Anyone seen the Damascus steel tampers by Impod? DROOL!!!!!!!!!!!!!!!!!!!!

WANT WANT WANT WANT

http://www.impod.se/tampers/esclamativo-damascus/


----------



## spune (Oct 3, 2011)

Oh wow. They're great!


----------



## jeebsy (May 5, 2013)

Regular one is about 26 quid, wonder how much extra the Damascus is. Shame it's only a 58 too.


----------



## Fevmeister (Oct 21, 2013)

Care to post a pic ?


----------



## El carajillo (Mar 16, 2013)

jeebsy said:


> Regular one is about 26 quid, wonder how much extra the Damascus is. Shame it's only a 58 too.

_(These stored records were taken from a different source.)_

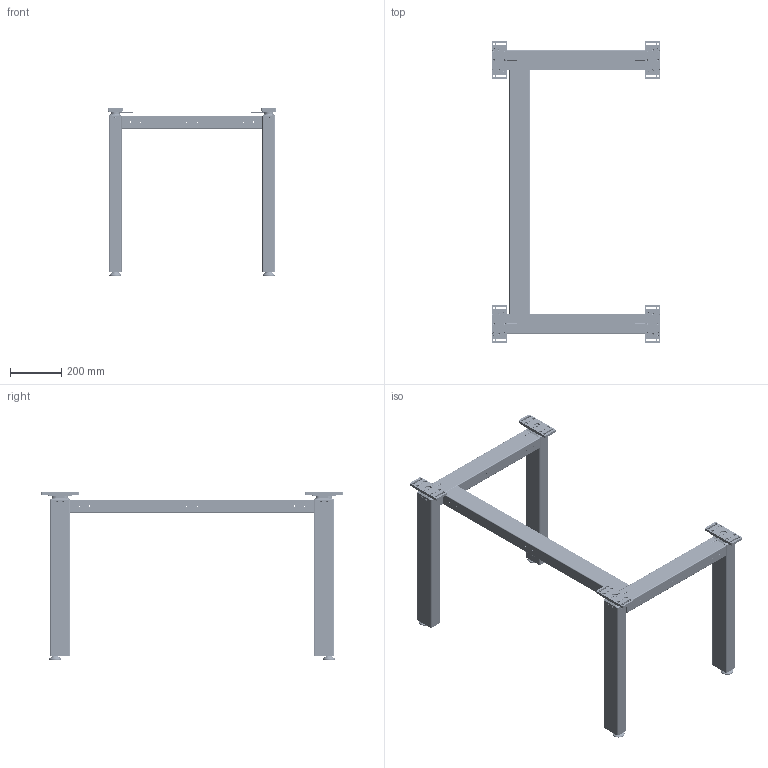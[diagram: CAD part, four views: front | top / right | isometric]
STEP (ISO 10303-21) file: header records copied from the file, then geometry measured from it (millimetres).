
FILE_DESCRIPTION(/* description */ ('Unknown'),/* implementation_level */ '2;1');
FILE_NAME(/* name */ '108.00070_02-Eingefahren',/* time_stamp */ '2022-02-09T14:31:41+01:00',/* author */ ('Unknown'),/* organization */ ('Unknown'),/* preprocessor_version */ 'ST-DEVELOPER v18.1',/* originating_system */ 'Solid Edge',/* authorisation */ 'Unknown');
FILE_SCHEMA (('AUTOMOTIVE_DESIGN {1 0 10303 214 3 1 1}'));
Length unit declared in the file: millimetre
Products named in the file (42): 108.00070; 306.00090_oa_0; 124.00004; 107.00147_oa_1; 125.00021; 115.00007_oa_2; 125.00033; 125.00022; 127.00038; 127.00034_oa_3; Aussenprofil TA 1450; 127.00035; Innenprofil TA 1450; Abschlussplatte; 127.00048; Schraube 2,9x6,4; 127.00034_2’403_2’488_Kehlnaht 1_oa_4; 113.00002_70mm; 142.00031; 142.00077; 306.00090_oa_5; 107.00147_oa_6; 115.00007_oa_7; 127.00034_oa_8; 127.00034_2’403_2’488_Kehlnaht 1_oa_9; 115.00150; 127.00365; 113.00006; 113.00006-ohne Mutter; Mutter M10; 306.00090_oa_10; 107.00147_oa_11; 115.00007_oa_12; 127.00034_oa_13; 127.00034_2’403_2’488_Kehlnaht 1_oa_14; 115.00152; 127.00367; 306.00090_oa_15; 107.00147_oa_16; 115.00007_oa_17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
Assembly tree (119 placements, depth 4):
  108.00070
    306.00090_oa_0
      124.00004
      107.00147_oa_1
        125.00021
        115.00007_oa_2
        125.00033
        125.00022
      127.00038
      127.00034_oa_3
        Aussenprofil TA 1450
        127.00035
        Innenprofil TA 1450
        Abschlussplatte
        127.00048
        Schraube 2,9x6,4  x6
        127.00034_2’403_2’488_Kehlnaht 1_oa_4
      113.00002_70mm
      142.00031
      142.00077  x4
    306.00090_oa_5
      124.00004
      107.00147_oa_6
        125.00021
        115.00007_oa_7
        125.00033
        125.00022
      127.00038
      127.00034_oa_8
        Aussenprofil TA 1450
        127.00035
        Innenprofil TA 1450
        Abschlussplatte
        127.00048
        Schraube 2,9x6,4  x6
        127.00034_2’403_2’488_Kehlnaht 1_oa_9
      113.00002_70mm
      142.00031
      142.00077  x4
    115.00150  x2
      127.00365
    113.00006  x4
      113.00006-ohne Mutter
      Mutter M10
    306.00090_oa_10
      124.00004
      107.00147_oa_11
        125.00021
        115.00007_oa_12
        125.00033
        125.00022
      127.00038
      127.00034_oa_13
        Aussenprofil TA 1450
        127.00035
        Innenprofil TA 1450
        Abschlussplatte
        127.00048
        Schraube 2,9x6,4  x6
        127.00034_2’403_2’488_Kehlnaht 1_oa_14
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Bounding box: 660 x 1180 x 653 mm (x, y, z)
Volume: 3511582.3 mm3; surface area: 3279580.8 mm2
Topology: 115 solids, 115 shells, 4318 faces, 10244 edges, 6180 vertices
Faces by surface type: cylinder 1660, plane 1446, bspline 516, cone 344, torus 304, sphere 48
Full cylindrical faces by diameter (mm): 1.8 x8, 2.2 x4, 2.5 x24, 2.78 x4, 2.9 x24, 3.5 x4, 4 x4, 4.1 x8, 4.2 x4, 4.9 x8, 4.917 x102, 5.8 x32, 6 x16, 6.5 x28, 6.647 x12, 6.8 x24, 6.917 x8, 7 x16, 8 x12, 8.376 x4, 9 x58, 9.5 x4, 10 x20, 12 x4, 12.5 x4, 13 x24, 13.5 x4, 13.9 x8, 15 x4, 19 x4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
Entity records: 35151 total; most frequent: CARTESIAN_POINT 7872, DIRECTION 4873, ORIENTED_EDGE 4306, EDGE_CURVE 2153, AXIS2_PLACEMENT_3D 1978, FACE_BOUND 1569, EDGE_LOOP 1568, VERTEX_POINT 1470

It does say other sizes to order


----------



## gman147 (Jul 7, 2012)

They can make custom orders


----------



## jeebsy (May 5, 2013)

So it does.

Do not need one.....do not need one....


----------



## El carajillo (Mar 16, 2013)

YES YOU DO YES YOU DO!!!!


----------



## DavidBondy (Aug 17, 2010)

Had I not just bought a Torr Titanium Goldfinger then I might have been interested as it would match my Hattori HD Damascus kitchen knives.

Do they do a 58.5mm? Anyone know?

David


----------



## jeebsy (May 5, 2013)

Nice choice of knife.


----------



## gman147 (Jul 7, 2012)

Make to custom order so yeah


----------



## DavidBondy (Aug 17, 2010)

jeebsy said:


> Nice choice of knife.


I found a place where I can buy directly from Japan and have them shipped to the US for very little money and I pick 'em up and bring them home on my frequent business trips.

As a matter of interest, if anyone has looked at Kin Knives in the UK (much endorsed by celebrity chefs), their best selling range is actually the Hattori HD with the addition of the word "Kin" engraved on it and at more than twice the price!!

David


----------



## Kyle548 (Jan 24, 2013)

DavidBondy said:


> I found a place where I can buy directly from Japan and have them shipped to the US for very little money and I pick 'em up and bring them home on my frequent business trips.
> 
> As a matter of interest, if anyone has looked at Kin Knives in the UK (much endorsed by celebrity chefs), their best selling range is actually the Hattori HD with the addition of the word "Kin" engraved on it and at more than twice the price!!
> 
> David


Didn't you know, giving a sword it's name is what gives it power.....

Probably.


----------